While I won’t tell you what the attunement entailed, I will tell you I saw colors during it, which I have never done before during Reiki. When we did the practice treatment I felt heat in my hands, and flowing through my body to the person I was helping to treat. I got very hot, and thought when I practice I need to have a fan around, I guess! I felt a little upset with myself because I couldn’t recall the hand positions, and at times I “lost” the energy and heat feeling in my hands. My thoughts wandered too. I did step back and reconnect though.
The next morning after class, I started to do the Gassho meditation, daily precepts and self-treatment that Reiki practitioners do. I decided not to use my manual and see what I could remember. I couldn’t recall one or two of the precepts nor could I recall the hand positions for self-treatment. I got a little upset at first, then reminded the man behind the curtain that I had just learned these things the day before and couldn’t be expected to recall them all. I got out my manual and used it as a guide. I was able to feel the Reiki flowing, and during my treatment some tears came up. I also think I learned a little about getting out of my own way.
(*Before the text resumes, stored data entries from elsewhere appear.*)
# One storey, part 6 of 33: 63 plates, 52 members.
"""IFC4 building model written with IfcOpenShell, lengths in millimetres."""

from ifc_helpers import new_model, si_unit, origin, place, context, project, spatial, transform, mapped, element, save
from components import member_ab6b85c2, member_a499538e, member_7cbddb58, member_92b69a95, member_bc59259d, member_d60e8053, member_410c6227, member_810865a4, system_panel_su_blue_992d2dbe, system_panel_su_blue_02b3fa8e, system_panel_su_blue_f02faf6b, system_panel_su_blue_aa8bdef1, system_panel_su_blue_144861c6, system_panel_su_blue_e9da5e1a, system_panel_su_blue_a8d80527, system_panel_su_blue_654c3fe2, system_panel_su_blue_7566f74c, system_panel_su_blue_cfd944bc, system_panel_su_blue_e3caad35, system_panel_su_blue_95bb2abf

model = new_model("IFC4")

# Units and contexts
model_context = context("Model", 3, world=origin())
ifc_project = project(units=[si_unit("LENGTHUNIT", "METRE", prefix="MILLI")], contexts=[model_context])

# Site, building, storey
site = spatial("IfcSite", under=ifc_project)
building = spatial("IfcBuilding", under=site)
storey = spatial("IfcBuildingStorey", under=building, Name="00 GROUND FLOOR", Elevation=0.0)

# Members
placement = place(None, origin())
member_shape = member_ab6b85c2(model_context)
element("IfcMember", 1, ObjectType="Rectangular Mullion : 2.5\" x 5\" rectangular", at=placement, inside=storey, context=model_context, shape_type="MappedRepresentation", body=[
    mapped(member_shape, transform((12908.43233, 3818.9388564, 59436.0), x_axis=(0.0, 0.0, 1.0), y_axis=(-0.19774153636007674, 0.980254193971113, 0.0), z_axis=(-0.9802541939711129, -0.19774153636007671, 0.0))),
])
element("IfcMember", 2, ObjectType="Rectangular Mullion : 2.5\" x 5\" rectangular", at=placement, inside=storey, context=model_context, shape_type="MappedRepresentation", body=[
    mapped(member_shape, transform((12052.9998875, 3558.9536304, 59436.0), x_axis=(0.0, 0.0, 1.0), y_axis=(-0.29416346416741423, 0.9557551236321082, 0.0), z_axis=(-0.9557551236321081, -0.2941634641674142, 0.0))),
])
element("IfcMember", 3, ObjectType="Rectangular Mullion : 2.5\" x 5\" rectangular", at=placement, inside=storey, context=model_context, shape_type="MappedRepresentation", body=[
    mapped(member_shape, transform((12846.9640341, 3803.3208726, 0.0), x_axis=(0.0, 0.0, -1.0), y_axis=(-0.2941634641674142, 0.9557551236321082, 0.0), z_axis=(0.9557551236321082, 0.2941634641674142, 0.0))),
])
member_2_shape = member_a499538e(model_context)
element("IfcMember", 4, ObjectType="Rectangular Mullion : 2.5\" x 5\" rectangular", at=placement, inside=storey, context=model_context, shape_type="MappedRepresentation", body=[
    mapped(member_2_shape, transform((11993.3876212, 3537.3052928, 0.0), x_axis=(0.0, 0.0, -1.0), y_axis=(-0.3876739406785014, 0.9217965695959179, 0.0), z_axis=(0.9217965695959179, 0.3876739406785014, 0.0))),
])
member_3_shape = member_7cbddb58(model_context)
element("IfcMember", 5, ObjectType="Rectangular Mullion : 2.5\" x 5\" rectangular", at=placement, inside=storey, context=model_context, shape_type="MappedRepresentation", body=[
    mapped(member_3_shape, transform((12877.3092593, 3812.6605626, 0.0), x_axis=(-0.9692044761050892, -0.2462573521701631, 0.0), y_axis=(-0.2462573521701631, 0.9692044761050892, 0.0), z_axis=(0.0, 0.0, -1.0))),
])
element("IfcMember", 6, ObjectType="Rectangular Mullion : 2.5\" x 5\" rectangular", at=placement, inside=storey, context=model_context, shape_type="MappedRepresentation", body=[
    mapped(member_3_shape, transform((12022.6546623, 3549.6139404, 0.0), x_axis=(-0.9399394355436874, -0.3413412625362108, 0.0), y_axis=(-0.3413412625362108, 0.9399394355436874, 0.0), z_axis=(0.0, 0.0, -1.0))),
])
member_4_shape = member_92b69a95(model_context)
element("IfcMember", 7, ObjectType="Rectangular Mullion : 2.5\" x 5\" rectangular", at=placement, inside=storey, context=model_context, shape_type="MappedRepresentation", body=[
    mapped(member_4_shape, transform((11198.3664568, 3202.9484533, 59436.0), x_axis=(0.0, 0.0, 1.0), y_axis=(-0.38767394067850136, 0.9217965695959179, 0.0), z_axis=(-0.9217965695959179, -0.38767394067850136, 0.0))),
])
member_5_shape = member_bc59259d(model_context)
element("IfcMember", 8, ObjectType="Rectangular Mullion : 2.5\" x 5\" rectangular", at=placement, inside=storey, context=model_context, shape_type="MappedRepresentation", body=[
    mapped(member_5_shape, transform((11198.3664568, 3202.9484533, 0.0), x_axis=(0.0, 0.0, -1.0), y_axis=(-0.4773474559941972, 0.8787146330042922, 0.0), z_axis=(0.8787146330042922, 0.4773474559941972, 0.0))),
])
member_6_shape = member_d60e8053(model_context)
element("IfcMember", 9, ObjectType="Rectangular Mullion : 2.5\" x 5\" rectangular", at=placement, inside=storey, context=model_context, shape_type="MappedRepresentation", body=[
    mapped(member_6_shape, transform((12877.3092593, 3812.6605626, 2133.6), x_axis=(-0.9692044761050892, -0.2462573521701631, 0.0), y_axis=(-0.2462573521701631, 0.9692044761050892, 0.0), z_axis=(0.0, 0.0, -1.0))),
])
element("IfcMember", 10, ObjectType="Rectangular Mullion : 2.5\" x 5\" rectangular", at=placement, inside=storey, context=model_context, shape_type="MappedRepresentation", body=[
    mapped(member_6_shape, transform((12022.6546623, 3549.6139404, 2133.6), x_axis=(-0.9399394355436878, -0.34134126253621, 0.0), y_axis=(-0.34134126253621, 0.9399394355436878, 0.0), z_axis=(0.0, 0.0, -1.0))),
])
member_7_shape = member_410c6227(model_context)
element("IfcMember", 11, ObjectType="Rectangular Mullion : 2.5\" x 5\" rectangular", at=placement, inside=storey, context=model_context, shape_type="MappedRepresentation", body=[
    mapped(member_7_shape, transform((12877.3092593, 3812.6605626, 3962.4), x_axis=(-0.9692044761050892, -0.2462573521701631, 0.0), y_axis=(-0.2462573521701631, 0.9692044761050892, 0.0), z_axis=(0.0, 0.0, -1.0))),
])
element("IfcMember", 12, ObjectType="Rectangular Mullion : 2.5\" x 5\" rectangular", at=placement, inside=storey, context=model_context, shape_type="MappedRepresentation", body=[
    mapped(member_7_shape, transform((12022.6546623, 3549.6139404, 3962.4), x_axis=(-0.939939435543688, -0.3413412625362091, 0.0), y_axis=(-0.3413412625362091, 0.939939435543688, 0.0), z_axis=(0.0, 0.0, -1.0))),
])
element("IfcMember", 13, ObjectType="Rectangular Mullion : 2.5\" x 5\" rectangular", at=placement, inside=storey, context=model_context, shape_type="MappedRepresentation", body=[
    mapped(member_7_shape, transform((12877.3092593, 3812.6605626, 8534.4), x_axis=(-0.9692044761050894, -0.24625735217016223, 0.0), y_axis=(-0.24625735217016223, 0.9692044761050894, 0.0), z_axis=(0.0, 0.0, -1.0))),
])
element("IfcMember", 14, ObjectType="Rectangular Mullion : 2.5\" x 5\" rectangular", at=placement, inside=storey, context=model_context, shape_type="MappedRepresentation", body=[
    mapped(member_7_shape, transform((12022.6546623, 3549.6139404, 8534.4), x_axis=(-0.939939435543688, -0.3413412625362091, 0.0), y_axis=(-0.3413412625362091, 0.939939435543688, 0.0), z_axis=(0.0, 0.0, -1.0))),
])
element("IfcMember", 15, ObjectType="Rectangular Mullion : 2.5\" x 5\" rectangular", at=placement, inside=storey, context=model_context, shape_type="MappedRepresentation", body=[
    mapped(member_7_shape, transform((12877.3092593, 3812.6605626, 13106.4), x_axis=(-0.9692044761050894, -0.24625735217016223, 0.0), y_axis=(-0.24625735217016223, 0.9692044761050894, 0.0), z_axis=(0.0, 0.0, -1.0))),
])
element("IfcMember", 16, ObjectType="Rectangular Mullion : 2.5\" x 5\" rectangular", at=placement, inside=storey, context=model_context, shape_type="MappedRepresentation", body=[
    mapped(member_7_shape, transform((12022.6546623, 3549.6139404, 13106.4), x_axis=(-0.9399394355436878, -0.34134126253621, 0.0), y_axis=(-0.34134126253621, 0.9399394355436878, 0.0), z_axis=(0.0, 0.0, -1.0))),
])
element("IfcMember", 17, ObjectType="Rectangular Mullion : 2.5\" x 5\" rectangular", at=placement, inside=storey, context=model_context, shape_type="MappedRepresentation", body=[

That evening I decided to try sending Reiki to my favorite trees around my house. I started with Grandfather Oak, the tall oak that overlooks the water behind my house. He reminds me of my Grandpa Smith, tall and big hearted. I love to sit under him and look at the water and meditate. I started the Reiki flowing, felt the heat in my hands. I smiled and was happy to be giving something back to this wonderful tree. I moved around him, moving my hands down to his roots. I noticed a small gray spider crawling up his trunk. I directed my hands toward it. It stopped and waved one of its front legs at my hand a few times. I’m not sure if it was getting ready to fight me, or if it was enjoying the energy. I laughed and smiled and moved back to treating Grandfather Oak. I then moved out front to the moss and magnolia that I do yoga under.
I love that I can send this energy to plants and trees and animals, and also people too. I am enjoying the self-treatments also, and the meditation.
I think perhaps I may be learning a bit of discipline, as well as how to get out of my own way and let it flow.